Typical pattern when increasing model complexity:

- Training error ↓ (gets smaller and smaller)
- Validation error ↓ then ↑ (U-shaped curve)

Your goal: choose complexity where **validation error is minimized**.


In [None]:
# ========== 6.1 Demonstrate under/overfitting with polynomial degree ==========

from sklearn.preprocessing import PolynomialFeatures
from sklearn.linear_model import Ridge
from sklearn.model_selection import train_test_split

np.random.seed(1)
n = 200
X = np.linspace(-3, 3, n).reshape(-1, 1)
y_true = np.sin(X).ravel()
noise = np.random.normal(scale=0.3, size=n)
y = y_true + noise

X_train, X_valid, y_train, y_valid = train_test_split(X, y, test_size=0.3, random_state=0)

degrees = [1, 3, 5, 9]
train_errors = []
valid_errors = []

for d in degrees:
    poly = PolynomialFeatures(degree=d, include_bias=False)
    X_train_poly = poly.fit_transform(X_train)
    X_valid_poly = poly.transform(X_valid)

    model = Ridge(alpha=1.0)
    model.fit(X_train_poly, y_train)

    y_train_pred = model.predict(X_train_poly)
    y_valid_pred = model.predict(X_valid_poly)

    train_mse = mean_squared_error(y_train, y_train_pred)
    valid_mse = mean_squared_error(y_valid, y_valid_pred)

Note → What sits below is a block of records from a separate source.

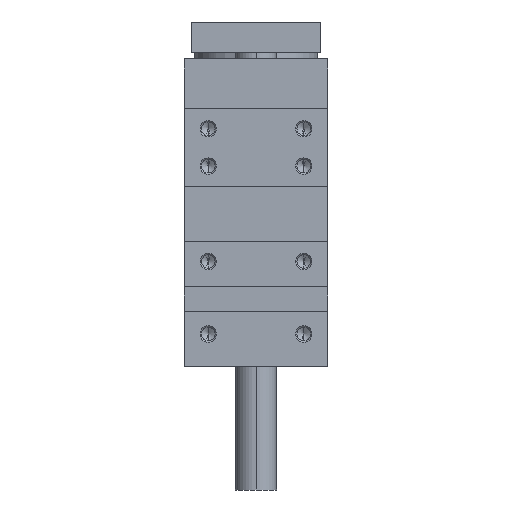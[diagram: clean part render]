
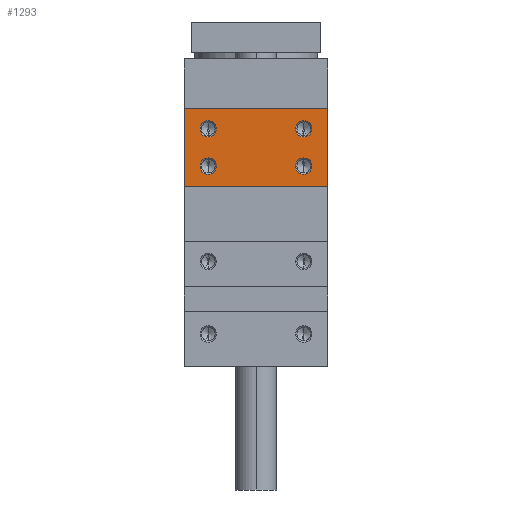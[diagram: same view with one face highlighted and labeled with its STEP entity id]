
A CAD part, left-side view. The second image highlights one B-rep face of the part: STEP entity #1293.
In plain terms, the highlighted planar face has unit normal (-1, 0, 0).
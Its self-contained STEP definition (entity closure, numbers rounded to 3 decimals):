
#66 = CARTESIAN_POINT ( 'NONE',  ( -68.5, -23.25, 37. ) ) ;
#88 = DIRECTION ( 'NONE',  ( 0., 0., 1. ) ) ;
#271 = EDGE_LOOP ( 'NONE', ( #1441, #5821 ) ) ;
#322 = EDGE_CURVE ( 'NONE', #6938, #2048, #3311, .T. ) ;
#430 = VERTEX_POINT ( 'NONE', #8166 ) ;
#488 = DIRECTION ( 'NONE',  ( 0., 0., 1. ) ) ;
#612 = CARTESIAN_POINT ( 'NONE',  ( -68.5, -23.25, 22.8 ) ) ;
#737 = DIRECTION ( 'NONE',  ( 1., 0., 0. ) ) ;
#783 = ORIENTED_EDGE ( 'NONE', *, *, #9609, .T. ) ;
#896 = EDGE_CURVE ( 'NONE', #8604, #430, #3978, .T. ) ;
#906 = VECTOR ( 'NONE', #2776, 1000. ) ;
#1014 = CARTESIAN_POINT ( 'NONE',  ( -68.5, -23.25, 41. ) ) ;
#1050 = VERTEX_POINT ( 'NONE', #2504 ) ;
#1072 = AXIS2_PLACEMENT_3D ( 'NONE', #5644, #7239, #10578 ) ;
#1118 = DIRECTION ( 'NONE',  ( 1., 0., 0. ) ) ;
#1194 = DIRECTION ( 'NONE',  ( 0., 0., -1. ) ) ;
#1204 = EDGE_LOOP ( 'NONE', ( #9007, #783 ) ) ;
#1293 = ADVANCED_FACE ( 'NONE', ( #5933, #6594, #8232, #9276, #2372 ), #3183, .F. ) ;
#1441 = ORIENTED_EDGE ( 'NONE', *, *, #8041, .T. ) ;
#1533 = CIRCLE ( 'NONE', #9405, 4. ) ;
#1868 = ORIENTED_EDGE ( 'NONE', *, *, #9550, .F. ) ;
#1880 = AXIS2_PLACEMENT_3D ( 'NONE', #9111, #4836, #2475 ) ;
#2021 = CARTESIAN_POINT ( 'NONE',  ( -68.5, 35., 9. ) ) ;
#2048 = VERTEX_POINT ( 'NONE', #7280 ) ;
#2294 = ORIENTED_EDGE ( 'NONE', *, *, #3479, .T. ) ;
#2303 = VECTOR ( 'NONE', #488, 1000. ) ;
#2346 = EDGE_CURVE ( 'NONE', #10829, #6626, #2777, .T. ) ;
#2372 = FACE_BOUND ( 'NONE', #1204, .T. ) ;
#2399 = CARTESIAN_POINT ( 'NONE',  ( -68.5, 23.25, 18.8 ) ) ;
#2405 = CARTESIAN_POINT ( 'NONE',  ( -68.5, 35., -79. ) ) ;
#2422 = AXIS2_PLACEMENT_3D ( 'NONE', #2399, #5740, #4804 ) ;
#2425 = EDGE_CURVE ( 'NONE', #430, #8604, #1533, .T. ) ;
#2475 = DIRECTION ( 'NONE',  ( 0., 1., 0. ) ) ;
#2504 = CARTESIAN_POINT ( 'NONE',  ( -68.5, 35., 47. ) ) ;
#2580 = LINE ( 'NONE', #5921, #2303 ) ;
#2602 = DIRECTION ( 'NONE',  ( 0., 0., -1. ) ) ;
#2710 = CIRCLE ( 'NONE', #10402, 4. ) ;
#2759 = EDGE_CURVE ( 'NONE', #3083, #3423, #7859, .T. ) ;
#2776 = DIRECTION ( 'NONE',  ( 0., -1., 0. ) ) ;
#2777 = CIRCLE ( 'NONE', #5750, 4. ) ;
#2902 = ORIENTED_EDGE ( 'NONE', *, *, #2425, .T. ) ;
#2977 = EDGE_CURVE ( 'NONE', #3423, #5714, #2580, .T. ) ;
#2998 = CIRCLE ( 'NONE', #1072, 4. ) ;
#3083 = VERTEX_POINT ( 'NONE', #2021 ) ;
#3183 = PLANE ( 'NONE',  #1880 ) ;
#3255 = DIRECTION ( 'NONE',  ( 1., 0., 0. ) ) ;
#3311 = CIRCLE ( 'NONE', #4525, 4. ) ;
#3395 = VECTOR ( 'NONE', #88, 1000. ) ;
#3423 = VERTEX_POINT ( 'NONE', #7607 ) ;
#3429 = EDGE_CURVE ( 'NONE', #1050, #5714, #3485, .T. ) ;
#3479 = EDGE_CURVE ( 'NONE', #6626, #10829, #9147, .T. ) ;
#3485 = LINE ( 'NONE', #3534, #906 ) ;
#3534 = CARTESIAN_POINT ( 'NONE',  ( -68.5, 70., 47. ) ) ;
#3631 = CARTESIAN_POINT ( 'NONE',  ( -68.5, 70., 9. ) ) ;
#3872 = CARTESIAN_POINT ( 'NONE',  ( -68.5, 23.25, 37. ) ) ;
#3978 = CIRCLE ( 'NONE', #2422, 4. ) ;
#4442 = CIRCLE ( 'NONE', #8130, 4. ) ;
#4525 = AXIS2_PLACEMENT_3D ( 'NONE', #3872, #4538, #1194 ) ;
#4538 = DIRECTION ( 'NONE',  ( 1., 0., 0. ) ) ;
#4804 = DIRECTION ( 'NONE',  ( 0., 0., -1. ) ) ;
#4836 = DIRECTION ( 'NONE',  ( 1., 0., 0. ) ) ;
#5029 = CARTESIAN_POINT ( 'NONE',  ( -68.5, -23.25, 37. ) ) ;
#5224 = CARTESIAN_POINT ( 'NONE',  ( -68.5, 23.25, 33. ) ) ;
#5286 = DIRECTION ( 'NONE',  ( 0., 0., -1. ) ) ;
#5337 = ORIENTED_EDGE ( 'NONE', *, *, #2977, .T. ) ;
#5397 = CARTESIAN_POINT ( 'NONE',  ( -68.5, -23.25, 18.8 ) ) ;
#5624 = EDGE_CURVE ( 'NONE', #10854, #9894, #4442, .T. ) ;
#5644 = CARTESIAN_POINT ( 'NONE',  ( -68.5, 23.25, 37. ) ) ;
#5714 = VERTEX_POINT ( 'NONE', #8524 ) ;
#5727 = DIRECTION ( 'NONE',  ( 0., 0., -1. ) ) ;
#5740 = DIRECTION ( 'NONE',  ( 1., 0., 0. ) ) ;
#5750 = AXIS2_PLACEMENT_3D ( 'NONE', #5397, #7205, #5286 ) ;
#5821 = ORIENTED_EDGE ( 'NONE', *, *, #322, .T. ) ;
#5921 = CARTESIAN_POINT ( 'NONE',  ( -68.5, -35., -79. ) ) ;
#5933 = FACE_OUTER_BOUND ( 'NONE', #10526, .T. ) ;
#5957 = DIRECTION ( 'NONE',  ( 0., 0., -1. ) ) ;
#6069 = CARTESIAN_POINT ( 'NONE',  ( -68.5, -23.25, 14.8 ) ) ;
#6515 = AXIS2_PLACEMENT_3D ( 'NONE', #9458, #1118, #5957 ) ;
#6524 = ORIENTED_EDGE ( 'NONE', *, *, #3429, .F. ) ;
#6594 = FACE_BOUND ( 'NONE', #7285, .T. ) ;
#6626 = VERTEX_POINT ( 'NONE', #612 ) ;
#6938 = VERTEX_POINT ( 'NONE', #5224 ) ;
#6984 = DIRECTION ( 'NONE',  ( 0., -1., 0. ) ) ;
#7202 = VECTOR ( 'NONE', #6984, 1000. ) ;
#7205 = DIRECTION ( 'NONE',  ( 1., 0., 0. ) ) ;
#7239 = DIRECTION ( 'NONE',  ( 1., 0., 0. ) ) ;
#7280 = CARTESIAN_POINT ( 'NONE',  ( -68.5, 23.25, 41. ) ) ;
#7285 = EDGE_LOOP ( 'NONE', ( #2902, #9688 ) ) ;
#7607 = CARTESIAN_POINT ( 'NONE',  ( -68.5, -35., 9. ) ) ;
#7859 = LINE ( 'NONE', #3631, #7202 ) ;
#7912 = EDGE_LOOP ( 'NONE', ( #2294, #10476 ) ) ;
#7948 = ORIENTED_EDGE ( 'NONE', *, *, #2759, .T. ) ;
#8035 = CARTESIAN_POINT ( 'NONE',  ( -68.5, -23.25, 33. ) ) ;
#8041 = EDGE_CURVE ( 'NONE', #2048, #6938, #2998, .T. ) ;
#8130 = AXIS2_PLACEMENT_3D ( 'NONE', #66, #3255, #2602 ) ;
#8166 = CARTESIAN_POINT ( 'NONE',  ( -68.5, 23.25, 22.8 ) ) ;
#8232 = FACE_BOUND ( 'NONE', #7912, .T. ) ;
#8248 = DIRECTION ( 'NONE',  ( 1., 0., 0. ) ) ;
#8524 = CARTESIAN_POINT ( 'NONE',  ( -68.5, -35., 47. ) ) ;
#8604 = VERTEX_POINT ( 'NONE', #9254 ) ;
#8965 = CARTESIAN_POINT ( 'NONE',  ( -68.5, 23.25, 18.8 ) ) ;
#9007 = ORIENTED_EDGE ( 'NONE', *, *, #5624, .T. ) ;
#9111 = CARTESIAN_POINT ( 'NONE',  ( -68.5, 35., -79. ) ) ;
#9147 = CIRCLE ( 'NONE', #6515, 4. ) ;
#9254 = CARTESIAN_POINT ( 'NONE',  ( -68.5, 23.25, 14.8 ) ) ;
#9276 = FACE_BOUND ( 'NONE', #271, .T. ) ;
#9405 = AXIS2_PLACEMENT_3D ( 'NONE', #8965, #8248, #5727 ) ;
#9458 = CARTESIAN_POINT ( 'NONE',  ( -68.5, -23.25, 18.8 ) ) ;
#9550 = EDGE_CURVE ( 'NONE', #3083, #1050, #10074, .T. ) ;
#9609 = EDGE_CURVE ( 'NONE', #9894, #10854, #2710, .T. ) ;
#9688 = ORIENTED_EDGE ( 'NONE', *, *, #896, .T. ) ;
#9894 = VERTEX_POINT ( 'NONE', #8035 ) ;
#9963 = DIRECTION ( 'NONE',  ( 0., 0., -1. ) ) ;
#10074 = LINE ( 'NONE', #2405, #3395 ) ;
#10402 = AXIS2_PLACEMENT_3D ( 'NONE', #5029, #737, #9963 ) ;
#10476 = ORIENTED_EDGE ( 'NONE', *, *, #2346, .T. ) ;
#10526 = EDGE_LOOP ( 'NONE', ( #5337, #6524, #1868, #7948 ) ) ;
#10578 = DIRECTION ( 'NONE',  ( 0., 0., -1. ) ) ;
#10829 = VERTEX_POINT ( 'NONE', #6069 ) ;
#10854 = VERTEX_POINT ( 'NONE', #1014 ) ;

    train_errors.append(train_mse)
    valid_errors.append(valid_mse)

print('Degree | Train MSE | Valid MSE')
for d, tr, va in zip(degrees, train_errors, valid_errors):
    print(f'{d:6d} | {tr:9.4f} | {va:9.4f}')

plt.plot(degrees, train_errors, marker='o', label='Train MSE')
plt.plot(degrees, valid_errors, marker='o', label='Valid MSE')
plt.xlabel('Polynomial degree')
plt.ylabel('MSE')
plt.title('Underfitting vs Overfitting demo')
plt.legend()
plt.show()


**What you should see:**

- Very low degree (1) underfits → both train and valid error relatively high.
- Intermediate degree (3 or 5) often best on validation.
- Very high degree (9) may overfit → train error tiny, validation error worse.

This is the core idea behind:
- Choosing tree depth / number of leaves
- Choosing polynomial degree / neural network size
- Using regularization (Ridge, Lasso, weight decay).